The common symptoms of heart failure are well known but are frequently absent and variably specific for this condition. The symptoms generally reflect, but may be dissociated from, the hemodynamic derangements of elevated left-sided and right-sided pressures and impaired cardiac output or cardiac output reserve. Dyspnea, or perceived shortness of breath, is the most common symptom of patients with heart failure. In most patients, dyspnea is present only with activity or exertion. The underlying mechanisms are multifactorial. The most important is pulmonary congestion with increased interstitial or intra-alveolar fluid, which activates juxtacapillary J receptors, which stimulate a rapid and shallow pattern of breathing. Increased lung stiffness may enhance the work of breathing, leading to a perception of dyspnea.

[...] Heart failure is associated with additional abnormalities of skeletal muscle itself, including biochemical changes and alterations in fiber types, which increase muscle fatigue and impair muscle function. Finally, heart failure may affect adversely respiratory muscle function and ventilatory control. FATIGUE Fatigue is a common, if nonspecific, complaint of patients with heart failure. Perhaps the most common origin of this complaint is muscle fatigue. Fatigue also may be a nonspecific response to the systemic manifestations of heart failure, such as chronic increases in catecholamines and circulating levels of cytokines, sleep disorders, and anxiety. [...]

[...] Ascites is unusual in heart failure and almost always is associated with peripheral edema. Most commonly, there is severe tricuspid regurgitation, with potential damage to the liver. Otherwise, significant primary liver disease should be suspected as an exacerbating factor or cause of ascites. Pleural effusions are fairly common in chronic heart failure, especially when they are accompanied by left-sided and right-sided manifestations. The effusions result from an increase in transudation of fluid into the pleural space and impaired lymphatic drainage owing to elevated systemic venous pressures. [...]

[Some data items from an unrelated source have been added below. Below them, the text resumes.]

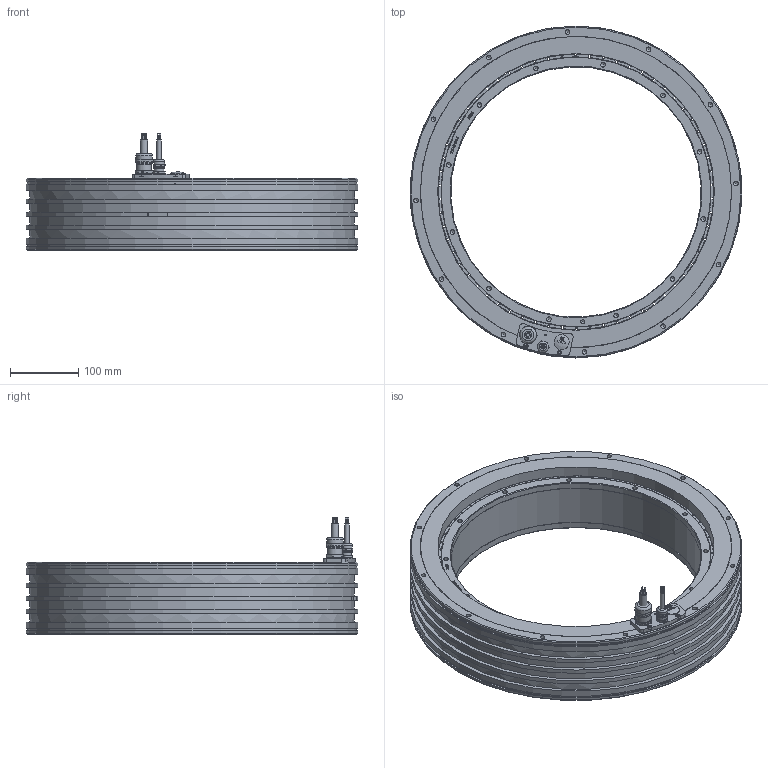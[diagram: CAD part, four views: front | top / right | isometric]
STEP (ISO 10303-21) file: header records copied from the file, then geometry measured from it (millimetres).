
FILE_DESCRIPTION(/* description */ ('QTL-485-105 KIT'),/* implementation_level */ '2;1');
FILE_NAME(/* name */ '1117111_190329',/* time_stamp */ '2020-05-26T10:07:46+02:00',/* author */ ('MTE'),/* organization */ ('TECNOTION'),/* preprocessor_version */ 'ST-DEVELOPER v16.7',/* originating_system */ 'DEX',/* authorisation */ $);
FILE_SCHEMA (('AUTOMOTIVE_DESIGN {1 0 10303 214 3 1 1}'));
Length unit declared in the file: millimetre
Products named in the file (17): 1117111_190329; 1117081_190329_oa_0; 1117001_190425_oa_1; 1116991_190329_oa_2; 1113593_190228_oa_3; 1117431_190402_oa_4; 1117441_190402; 1111681_181205; Sensor cable 4x2x0,18; 1105631_180801; Power cable; SKINDICHT BL-M 20x1,5 + O-Ring      Art_ Nr_ 52103125_Messing vernick
elt; Inbus_M3x10; Resin QTR 485 105_190129; 1117051_190329; 1113574_190514; 1115791_190225
Assembly tree (78 placements, depth 5):
  1117111_190329
    1117081_190329_oa_0
      1117001_190425_oa_1
        1116991_190329_oa_2
          1113593_190228_oa_3
      1117431_190402_oa_4
        1117441_190402
        1111681_181205
        Sensor cable 4x2x0,18
        1105631_180801
        Power cable
        SKINDICHT BL-M 20x1,5 + O-Ring      Art_ Nr_ 52103125_Messing vernick
elt
        Inbus_M3x10  x2
      Resin QTR 485 105_190129
    1117051_190329
      1113574_190514
      1115791_190225  x62
Bounding box: 485 x 485 x 170 mm (x, y, z)
Volume: 7170397.3 mm3; surface area: 1260671.6 mm2
Topology: 73 solids, 73 shells, 2332 faces, 5289 edges, 2681 vertices
Faces by surface type: cylinder 936, plane 765, sphere 498, cone 116, bspline 12, torus 5
Full cylindrical faces by diameter (mm): 1.35 x6, 1.5 x6, 1.598 x4, 2 x4, 2.459 x3, 3 x2, 3.2 x2, 3.5 x1, 5.5 x2, 6 x2, 6.4 x1, 6.5 x2, 6.647 x48, 7 x1, 8.136 x1, 10.16 x1, 10.376 x1, 10.6 x1, 12 x1, 14 x1, 14.528 x1, 14.536 x1, 15.68 x1, 15.98 x1, 18.16 x1, 18.376 x2, 20 x2, 22 x2, 23.52 x1, 23.98 x1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
Entity records: 24720 total; most frequent: CARTESIAN_POINT 5141, DIRECTION 3094, ORIENTED_EDGE 3032, EDGE_CURVE 1516, AXIS2_PLACEMENT_3D 1287, VERTEX_POINT 1128, FACE_BOUND 1072, EDGE_LOOP 1020

[...] Dyspnea is a relatively sensitive symptom of heart failure, provided that a careful history is taken of the patient's level of activity, but dyspnea may become less prominent with the onset of right ventricular failure and tricuspid regurgitation, which may lead to lower pulmonary venous pressures. Dyspnea is a common symptom of patients with pulmonary disease, obesity, and anemia and of sedentary individuals. ORTHOPNEA AND PAROXYSMAL NOCTURNAL DYSPNEA Orthopnea is dyspnea that is positional, occurring in the recumbent or semirecumbent position. [...]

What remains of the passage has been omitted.